◆ YOUR INSTRUCTIONS ◆
Your answer must be an exact copy of the records below, minus any images.

◆ Stored entries ◆

◆ ◆ ◆ ◆

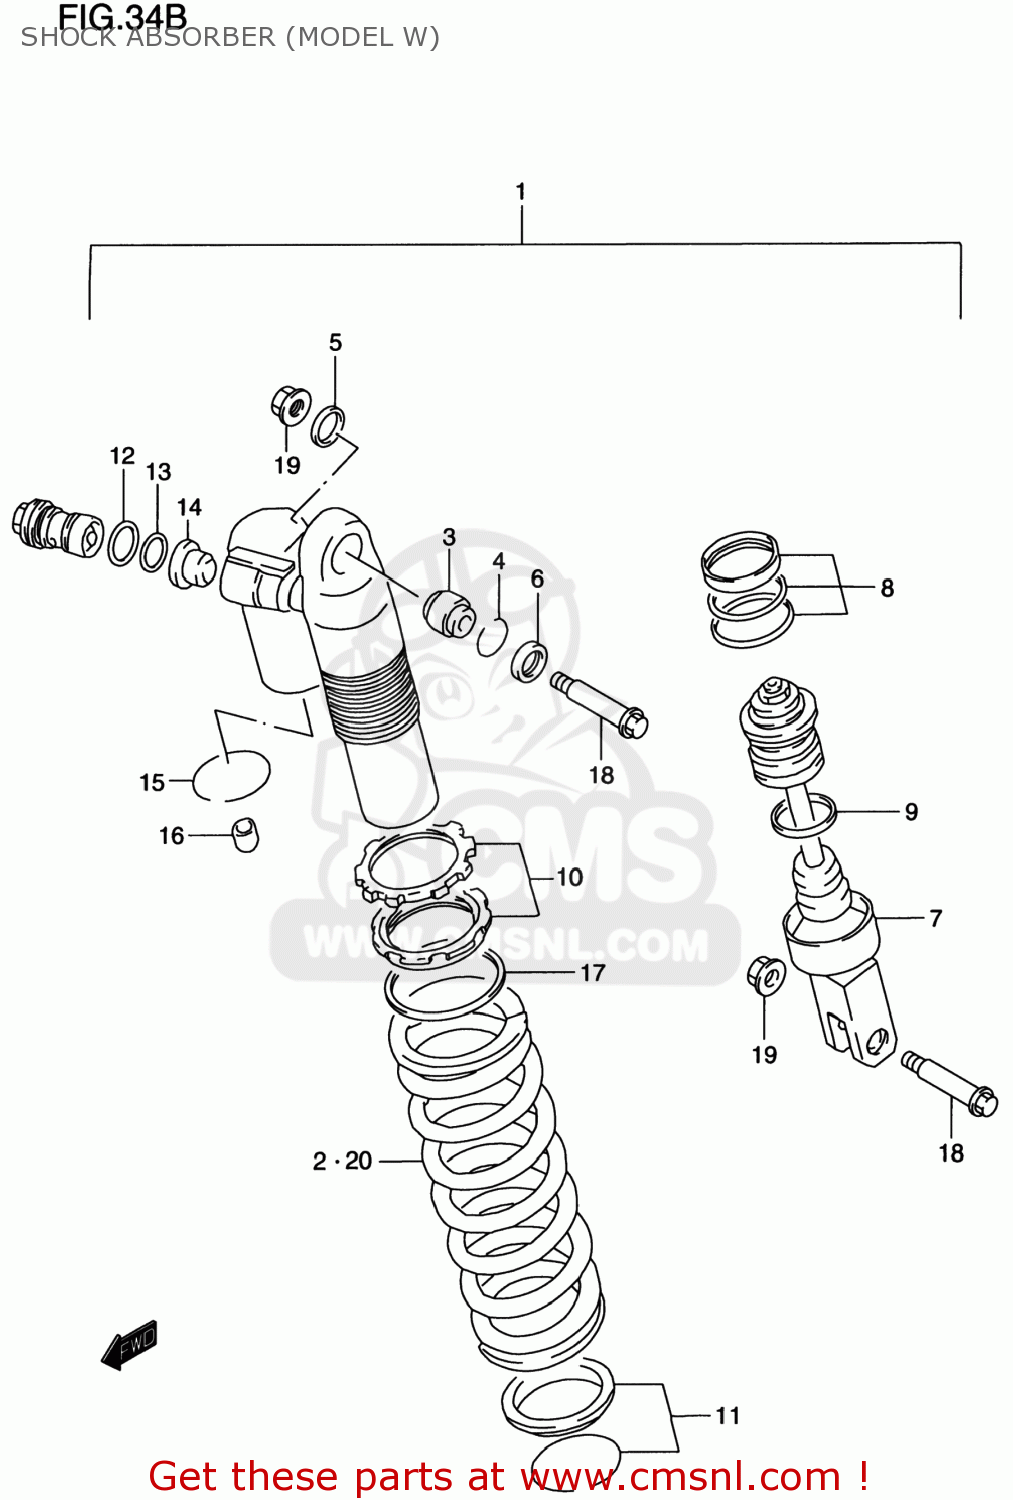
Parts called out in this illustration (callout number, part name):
1	ABSORBER ASSEMBLY,REAR SHOCK
2	SPRING,REAR (K=4.7)
3	BEARING,RR SHOCK ABSORBER
4	RING,STOPPER
5	SEAL,DUST UPR,R
6	SEAL,DUST UPR,L
7	ROD,PISTON
8	O RING SET
9	RING,STOPPER
10	ADJUSTER SET
11	SPRING SEAT SET
12	O RING
13	O RING,CTR BOLT UPR
14	COLLAR,ORIFICE
15	RING,STOPPER
16	CAP
17	SEAT,SPRING
18	BOLT(10X47.5)
19	NUT
20	SPRING,REAR (K=4.5)
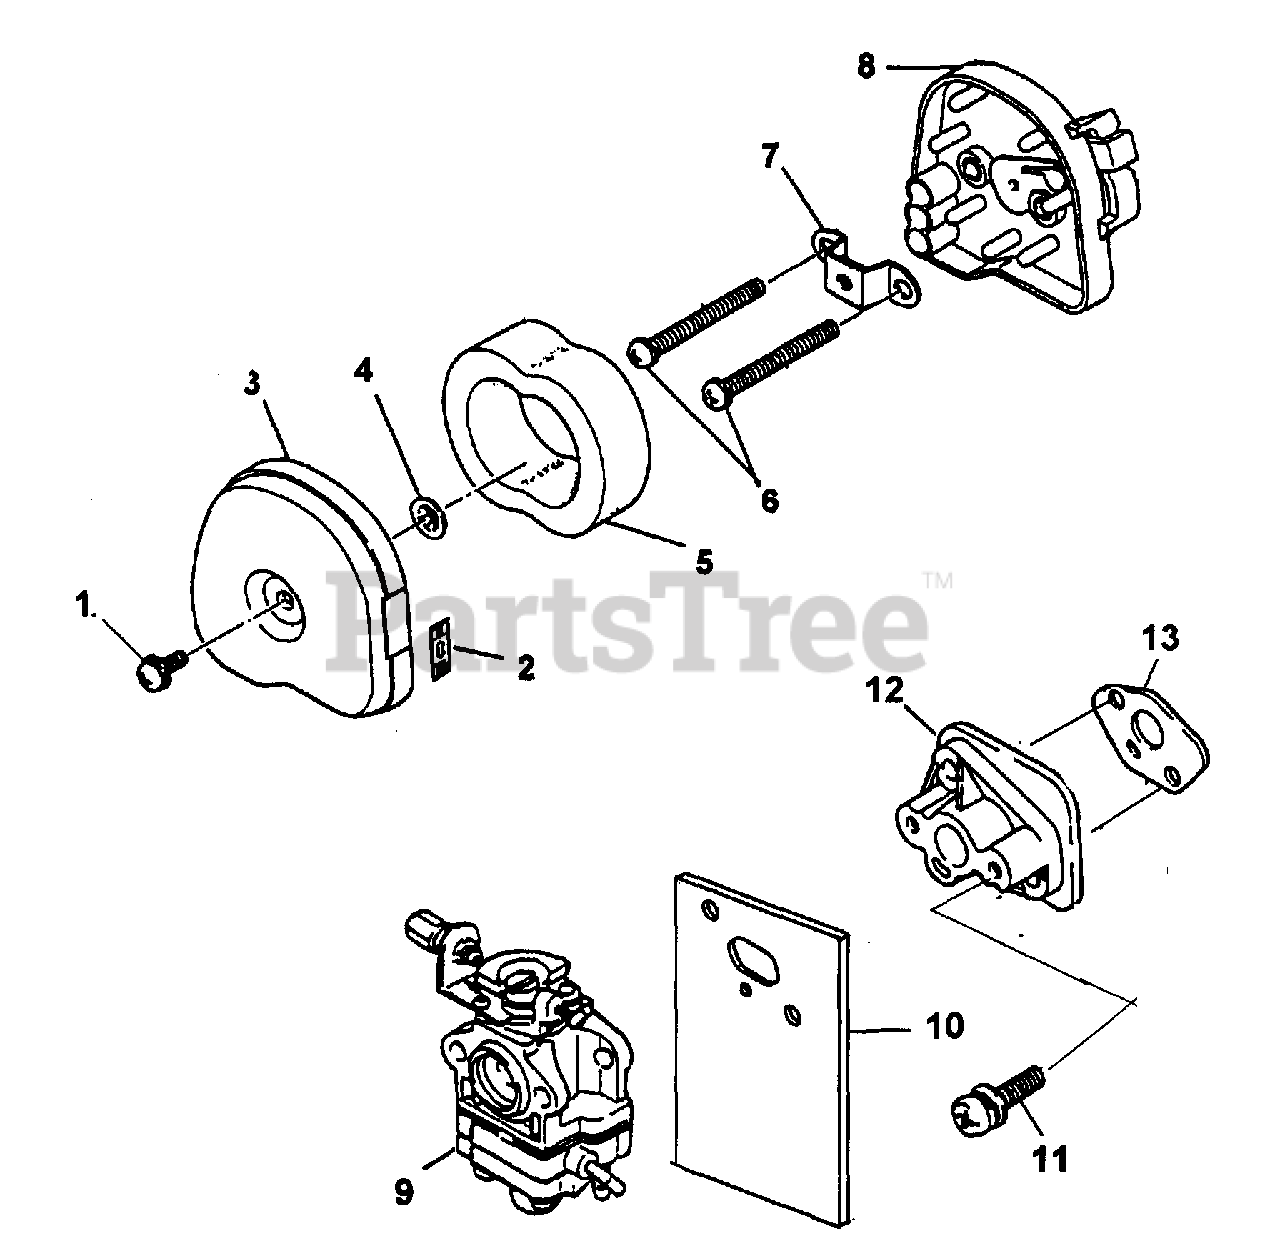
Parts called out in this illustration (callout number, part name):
1	SCREW & WASHER
2	LABEL, NAME
3	COVER, AIR CLEANER
5	ELEMENT AIR CLEANER
6	SCREW & WASHER
7	BRACKET
8	CASE, CLEANER
9	CARBURETOR ASSY
10	GASKET, CARBURETOR
11	SCREW & WASHER
12	INSULATOR
13	GASKET INSULATOR
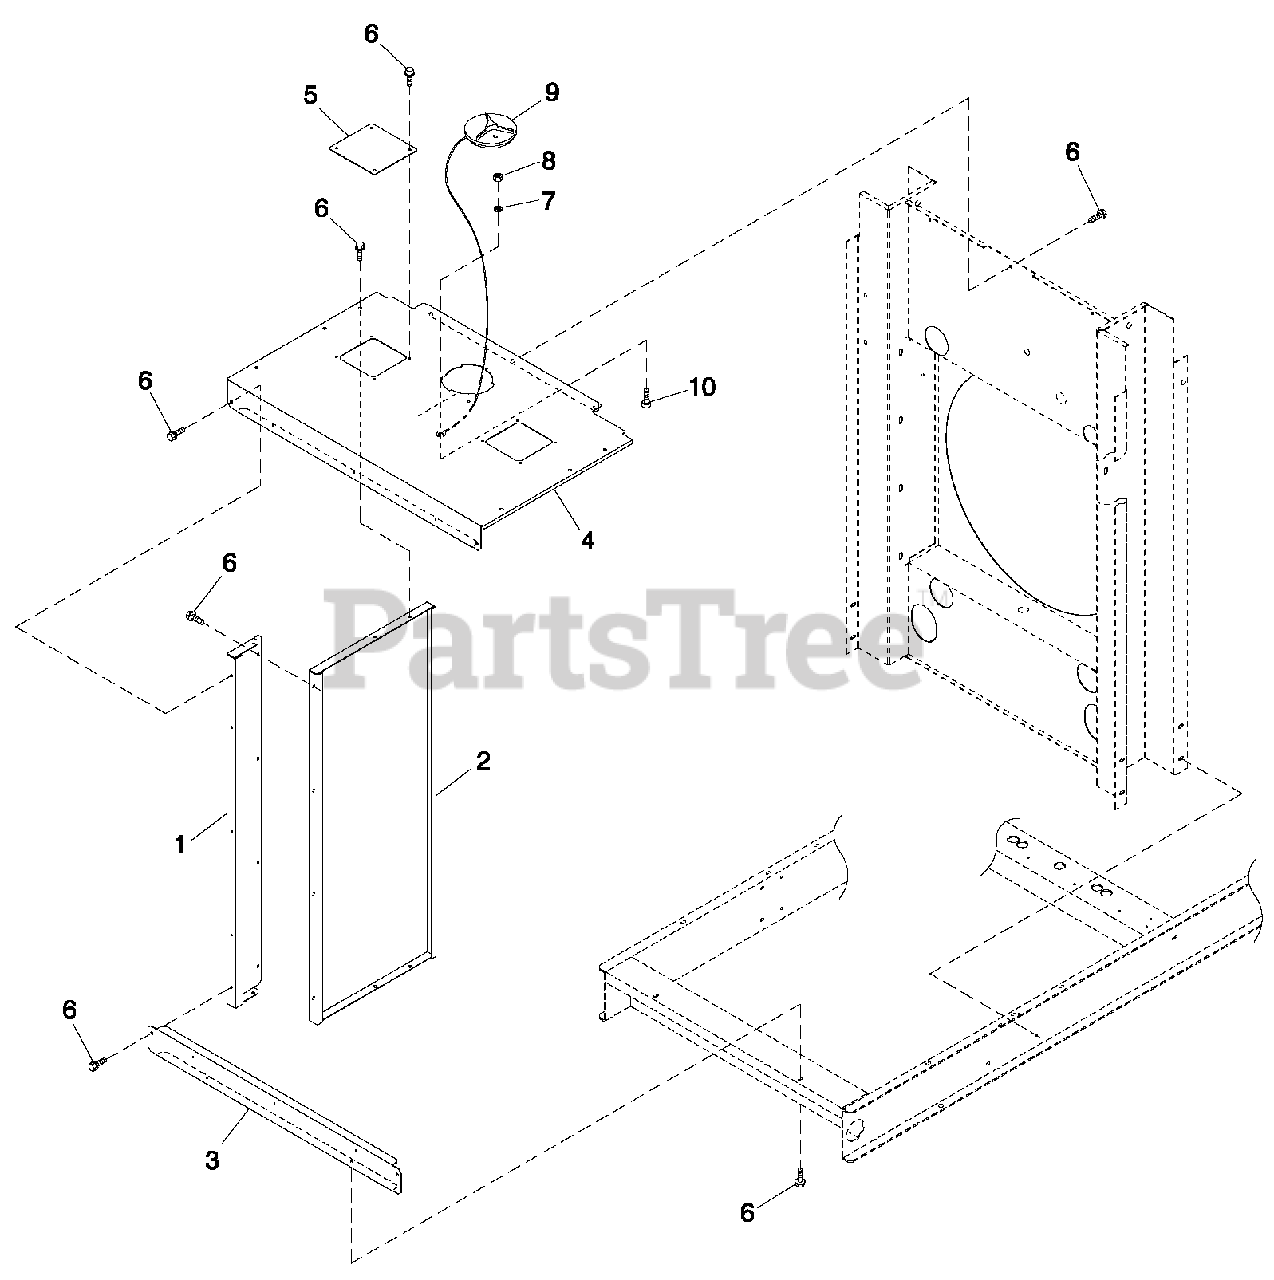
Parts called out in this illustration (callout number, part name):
1	PANEL C3 FRONT SIDES
2	PANEL C3 REAR SIDES
3	PANEL LOWER FRONT
4	PANEL C3 TOP
5	ACCESS COVER 160 X 170 GALV
6	SCREW THF M6-1 X 16 N WA Z/JS
7	WASHER LOCK M6-1/4
8	NUT HEX M6 X 1.0 G8 YEL CHR
9	ASSY ACCESS COVER
10	SCREW HHC M6-1.0X 16 G8.8
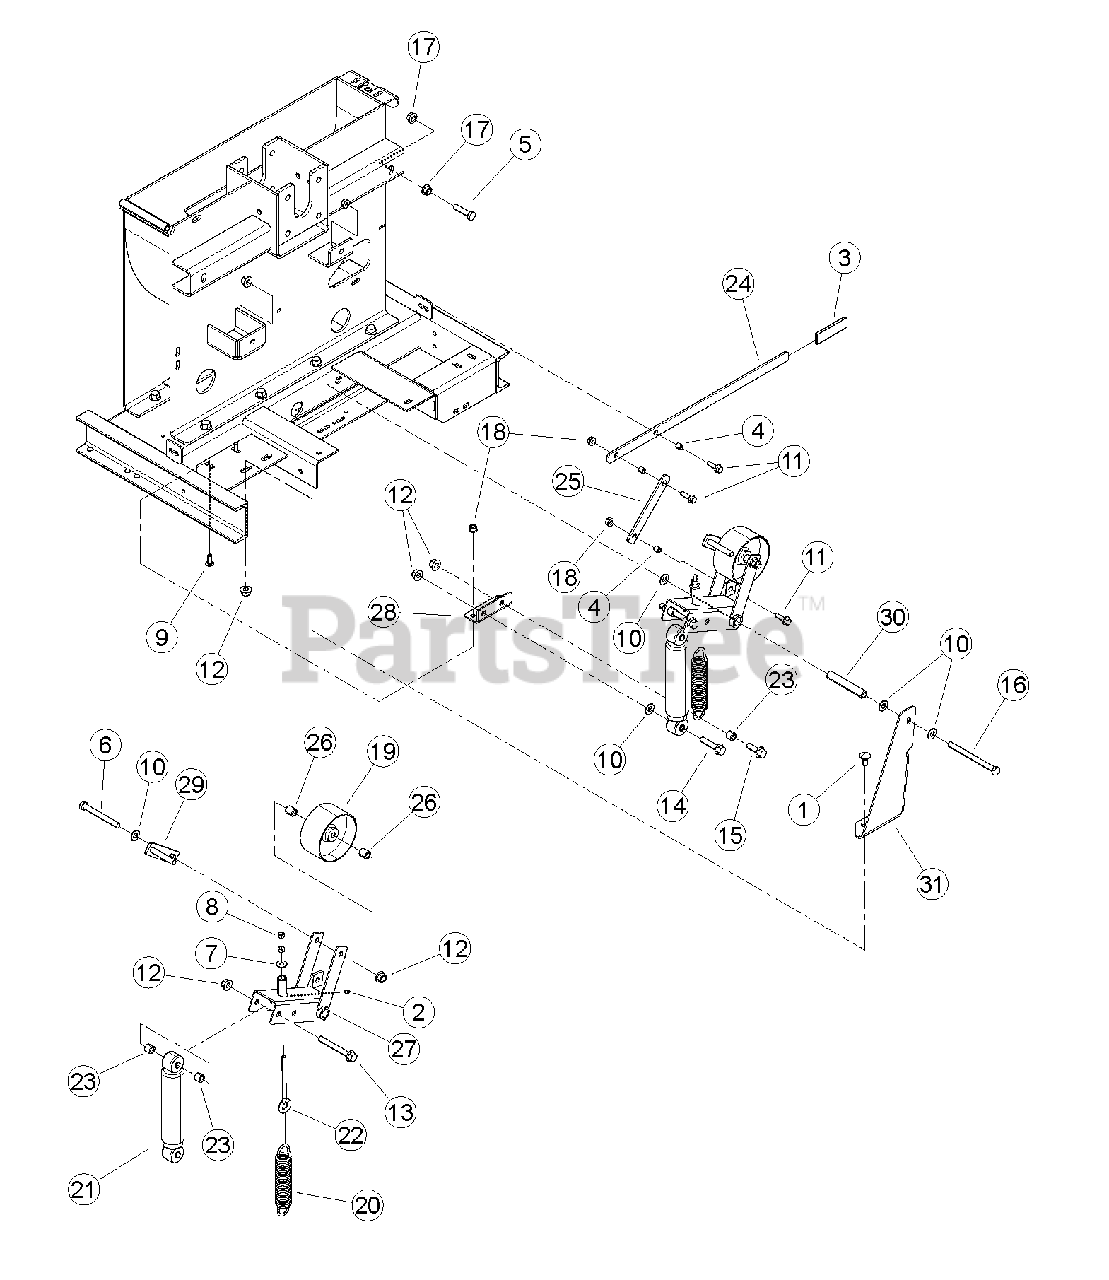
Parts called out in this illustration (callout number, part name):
1	BOLT, 1/2 X 1 GR5 CRG ZP
2	FITTING, 1/4 SELF-TAP GREASE
3	GRIP, CLUTCH HANDLE
4	BUSHING, 3/8 X 1/2 SLEEVE LUBE
5	BOLT, 1/2 X 2 GR5 HEX CAPSCREW ZP
6	BOLT, 1/2 X 4-1/2" GR5 HHCS NC ZP
7	WASHER, 3/8" FLAT ZP
8	NUT, 3/8" HEX NC ZP
9	BOLT, 3/8 X 1" GR5 CRG NC ZP
10	WASHER, 1/2" SAE FLAT ZP
11	BOLT, 3/8 X 1-1/4 FLANGE NC
12	NUT, 1/2-13 NYLOCK FLANGE
13	BOLT, 1/2-13 X 4 HWH GR5 CZP
14	BOLT, 1/2 -13 X 2-1/4 FLANGE NC
15	BOLT, 1/2-13 X 1-1/2 GR5 FLANGE NC
16	BOLT, 1/2 X 6 G5 HCS - ZP
17	NUT, 1/2 SPIRAL LOCK NC ZP
18	NUT, 3/8-16 NYLOCK FLANGE
19	PULLEY, IDLER 5" X 2.50"
20	SPRING, 7-3/4" EXTENSION
21	ABSORBER, IDLER SHOCK
22	EYEBOLT, 3/8 X 5" LG 4-1/4 THD ZP
23	SPACER, 0.75 X 0.620
24	LEVER, CLUTCH ENGAGEMENT
25	LINK, ENGAGEMENT ARM
26	SPACER, IDLER SHEAVE
27	WELDMENT, IDLER ARM
28	BRACKET, SPRING ANCHOR
29	WELDMENT, BELT PIN
30	BUSHING, IDLER PIVOT
31	BRACE, IDLER

◆ ◆ ◆ ◆

◆ ANSWER FOR THE TASK ◆
Parts called out in this illustration (callout number, part name):
1	ABSORBER ASSEMBLY,REAR SHOCK
2	SPRING,REAR (K=4.7)
3	BEARING,RR SHOCK ABSORBER
4	RING,STOPPER
5	SEAL,DUST UPR,R
6	SEAL,DUST UPR,L
7	ROD,PISTON
8	O RING SET
9	RING,STOPPER
10	ADJUSTER SET
11	SPRING SEAT SET
12	O RING
13	O RING,CTR BOLT UPR
14	COLLAR,ORIFICE
15	RING,STOPPER
16	CAP
17	SEAT,SPRING
18	BOLT(10X47.5)
19	NUT
20	SPRING,REAR (K=4.5)
Parts called out in this illustration (callout number, part name):
1	SCREW & WASHER
2	LABEL, NAME
3	COVER, AIR CLEANER
5	ELEMENT AIR CLEANER
6	SCREW & WASHER
7	BRACKET
8	CASE, CLEANER
9	CARBURETOR ASSY
10	GASKET, CARBURETOR
11	SCREW & WASHER
12	INSULATOR
13	GASKET INSULATOR
Parts called out in this illustration (callout number, part name):
1	PANEL C3 FRONT SIDES
2	PANEL C3 REAR SIDES
3	PANEL LOWER FRONT
4	PANEL C3 TOP
5	ACCESS COVER 160 X 170 GALV
6	SCREW THF M6-1 X 16 N WA Z/JS
7	WASHER LOCK M6-1/4
8	NUT HEX M6 X 1.0 G8 YEL CHR
9	ASSY ACCESS COVER
10	SCREW HHC M6-1.0X 16 G8.8
Parts called out in this illustration (callout number, part name):
1	BOLT, 1/2 X 1 GR5 CRG ZP
2	FITTING, 1/4 SELF-TAP GREASE
3	GRIP, CLUTCH HANDLE
4	BUSHING, 3/8 X 1/2 SLEEVE LUBE
5	BOLT, 1/2 X 2 GR5 HEX CAPSCREW ZP
6	BOLT, 1/2 X 4-1/2" GR5 HHCS NC ZP
7	WASHER, 3/8" FLAT ZP
8	NUT, 3/8" HEX NC ZP
9	BOLT, 3/8 X 1" GR5 CRG NC ZP
10	WASHER, 1/2" SAE FLAT ZP
11	BOLT, 3/8 X 1-1/4 FLANGE NC
12	NUT, 1/2-13 NYLOCK FLANGE
13	BOLT, 1/2-13 X 4 HWH GR5 CZP
14	BOLT, 1/2 -13 X 2-1/4 FLANGE NC
15	BOLT, 1/2-13 X 1-1/2 GR5 FLANGE NC
16	BOLT, 1/2 X 6 G5 HCS - ZP
17	NUT, 1/2 SPIRAL LOCK NC ZP
18	NUT, 3/8-16 NYLOCK FLANGE
19	PULLEY, IDLER 5" X 2.50"
20	SPRING, 7-3/4" EXTENSION
21	ABSORBER, IDLER SHOCK
22	EYEBOLT, 3/8 X 5" LG 4-1/4 THD ZP
23	SPACER, 0.75 X 0.620
24	LEVER, CLUTCH ENGAGEMENT
25	LINK, ENGAGEMENT ARM
26	SPACER, IDLER SHEAVE
27	WELDMENT, IDLER ARM
28	BRACKET, SPRING ANCHOR
29	WELDMENT, BELT PIN
30	BUSHING, IDLER PIVOT
31	BRACE, IDLER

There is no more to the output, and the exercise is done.